* [TASK BRIEF]
Reproduce exactly the lines from the top of the records below through the line holding "to 9.942 GHz".

* [AVAILABLE DATA]
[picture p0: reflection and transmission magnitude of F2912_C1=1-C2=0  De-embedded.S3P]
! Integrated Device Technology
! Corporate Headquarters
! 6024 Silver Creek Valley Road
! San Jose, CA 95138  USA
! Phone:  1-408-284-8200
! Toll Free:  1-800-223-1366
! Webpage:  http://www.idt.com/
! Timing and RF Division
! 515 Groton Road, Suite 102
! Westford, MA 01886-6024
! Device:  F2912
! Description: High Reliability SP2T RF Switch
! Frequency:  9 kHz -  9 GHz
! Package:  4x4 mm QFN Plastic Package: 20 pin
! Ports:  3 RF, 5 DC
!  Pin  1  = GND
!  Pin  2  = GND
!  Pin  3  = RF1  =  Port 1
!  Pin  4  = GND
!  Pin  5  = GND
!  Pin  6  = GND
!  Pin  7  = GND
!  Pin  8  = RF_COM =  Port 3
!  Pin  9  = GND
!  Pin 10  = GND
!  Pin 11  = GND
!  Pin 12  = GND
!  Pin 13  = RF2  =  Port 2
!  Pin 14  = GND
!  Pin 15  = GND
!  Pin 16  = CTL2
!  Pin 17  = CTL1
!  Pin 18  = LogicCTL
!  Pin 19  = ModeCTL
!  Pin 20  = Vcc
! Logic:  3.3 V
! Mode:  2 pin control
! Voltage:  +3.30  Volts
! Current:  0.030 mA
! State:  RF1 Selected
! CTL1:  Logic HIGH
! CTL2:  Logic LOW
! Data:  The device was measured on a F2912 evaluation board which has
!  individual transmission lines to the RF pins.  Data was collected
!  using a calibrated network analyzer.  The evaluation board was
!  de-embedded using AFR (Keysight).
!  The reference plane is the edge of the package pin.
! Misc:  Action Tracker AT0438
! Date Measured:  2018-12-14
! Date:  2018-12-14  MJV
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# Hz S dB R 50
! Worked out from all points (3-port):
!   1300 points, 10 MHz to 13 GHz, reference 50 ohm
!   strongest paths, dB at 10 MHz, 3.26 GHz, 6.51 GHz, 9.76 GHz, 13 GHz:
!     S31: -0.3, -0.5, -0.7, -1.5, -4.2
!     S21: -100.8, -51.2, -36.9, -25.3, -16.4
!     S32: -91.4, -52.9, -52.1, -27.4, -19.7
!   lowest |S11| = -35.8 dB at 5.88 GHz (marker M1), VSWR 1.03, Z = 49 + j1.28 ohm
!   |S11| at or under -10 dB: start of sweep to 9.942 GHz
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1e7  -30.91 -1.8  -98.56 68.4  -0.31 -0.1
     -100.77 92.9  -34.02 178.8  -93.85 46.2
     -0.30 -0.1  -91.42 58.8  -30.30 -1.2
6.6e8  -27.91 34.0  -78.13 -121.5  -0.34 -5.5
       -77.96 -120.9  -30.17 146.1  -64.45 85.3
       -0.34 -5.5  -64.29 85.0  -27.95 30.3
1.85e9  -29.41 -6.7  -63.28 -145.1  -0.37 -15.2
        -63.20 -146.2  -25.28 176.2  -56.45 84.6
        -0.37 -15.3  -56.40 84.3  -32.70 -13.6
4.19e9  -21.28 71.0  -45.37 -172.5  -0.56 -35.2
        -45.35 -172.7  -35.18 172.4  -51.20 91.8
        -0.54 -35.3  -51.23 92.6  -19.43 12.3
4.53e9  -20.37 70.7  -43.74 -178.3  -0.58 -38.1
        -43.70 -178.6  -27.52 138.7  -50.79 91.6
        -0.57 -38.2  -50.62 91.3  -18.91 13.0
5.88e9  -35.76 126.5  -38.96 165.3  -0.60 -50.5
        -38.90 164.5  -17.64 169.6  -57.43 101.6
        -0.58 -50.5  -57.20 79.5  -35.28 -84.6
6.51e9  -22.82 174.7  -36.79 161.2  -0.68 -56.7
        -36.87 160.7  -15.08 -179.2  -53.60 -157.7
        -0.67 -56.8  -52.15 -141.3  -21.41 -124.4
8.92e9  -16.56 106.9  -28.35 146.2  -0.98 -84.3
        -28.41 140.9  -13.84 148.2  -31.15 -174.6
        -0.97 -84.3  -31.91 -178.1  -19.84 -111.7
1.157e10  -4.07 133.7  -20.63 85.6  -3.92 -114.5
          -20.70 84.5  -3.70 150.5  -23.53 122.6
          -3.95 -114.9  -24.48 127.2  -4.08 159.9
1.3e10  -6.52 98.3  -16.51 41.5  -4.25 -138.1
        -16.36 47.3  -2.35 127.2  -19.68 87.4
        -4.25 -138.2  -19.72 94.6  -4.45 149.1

* [RESPONSE TO THE TASK]
[picture p0: reflection and transmission magnitude of F2912_C1=1-C2=0  De-embedded.S3P]
! Integrated Device Technology
! Corporate Headquarters
! 6024 Silver Creek Valley Road
! San Jose, CA 95138  USA
! Phone:  1-408-284-8200
! Toll Free:  1-800-223-1366
! Webpage:  http://www.idt.com/
! Timing and RF Division
! 515 Groton Road, Suite 102
! Westford, MA 01886-6024
! Device:  F2912
! Description: High Reliability SP2T RF Switch
! Frequency:  9 kHz -  9 GHz
! Package:  4x4 mm QFN Plastic Package: 20 pin
! Ports:  3 RF, 5 DC
!  Pin  1  = GND
!  Pin  2  = GND
!  Pin  3  = RF1  =  Port 1
!  Pin  4  = GND
!  Pin  5  = GND
!  Pin  6  = GND
!  Pin  7  = GND
!  Pin  8  = RF_COM =  Port 3
!  Pin  9  = GND
!  Pin 10  = GND
!  Pin 11  = GND
!  Pin 12  = GND
!  Pin 13  = RF2  =  Port 2
!  Pin 14  = GND
!  Pin 15  = GND
!  Pin 16  = CTL2
!  Pin 17  = CTL1
!  Pin 18  = LogicCTL
!  Pin 19  = ModeCTL
!  Pin 20  = Vcc
! Logic:  3.3 V
! Mode:  2 pin control
! Voltage:  +3.30  Volts
! Current:  0.030 mA
! State:  RF1 Selected
! CTL1:  Logic HIGH
! CTL2:  Logic LOW
! Data:  The device was measured on a F2912 evaluation board which has
!  individual transmission lines to the RF pins.  Data was collected
!  using a calibrated network analyzer.  The evaluation board was
!  de-embedded using AFR (Keysight).
!  The reference plane is the edge of the package pin.
! Misc:  Action Tracker AT0438
! Date Measured:  2018-12-14
! Date:  2018-12-14  MJV
# Hz S dB R 50
! Worked out from all points (3-port):
!   1300 points, 10 MHz to 13 GHz, reference 50 ohm
!   strongest paths, dB at 10 MHz, 3.26 GHz, 6.51 GHz, 9.76 GHz, 13 GHz:
!     S31: -0.3, -0.5, -0.7, -1.5, -4.2
!     S21: -100.8, -51.2, -36.9, -25.3, -16.4
!     S32: -91.4, -52.9, -52.1, -27.4, -19.7
!   lowest |S11| = -35.8 dB at 5.88 GHz (marker M1), VSWR 1.03, Z = 49 + j1.28 ohm
!   |S11| at or under -10 dB: start of sweep to 9.942 GHz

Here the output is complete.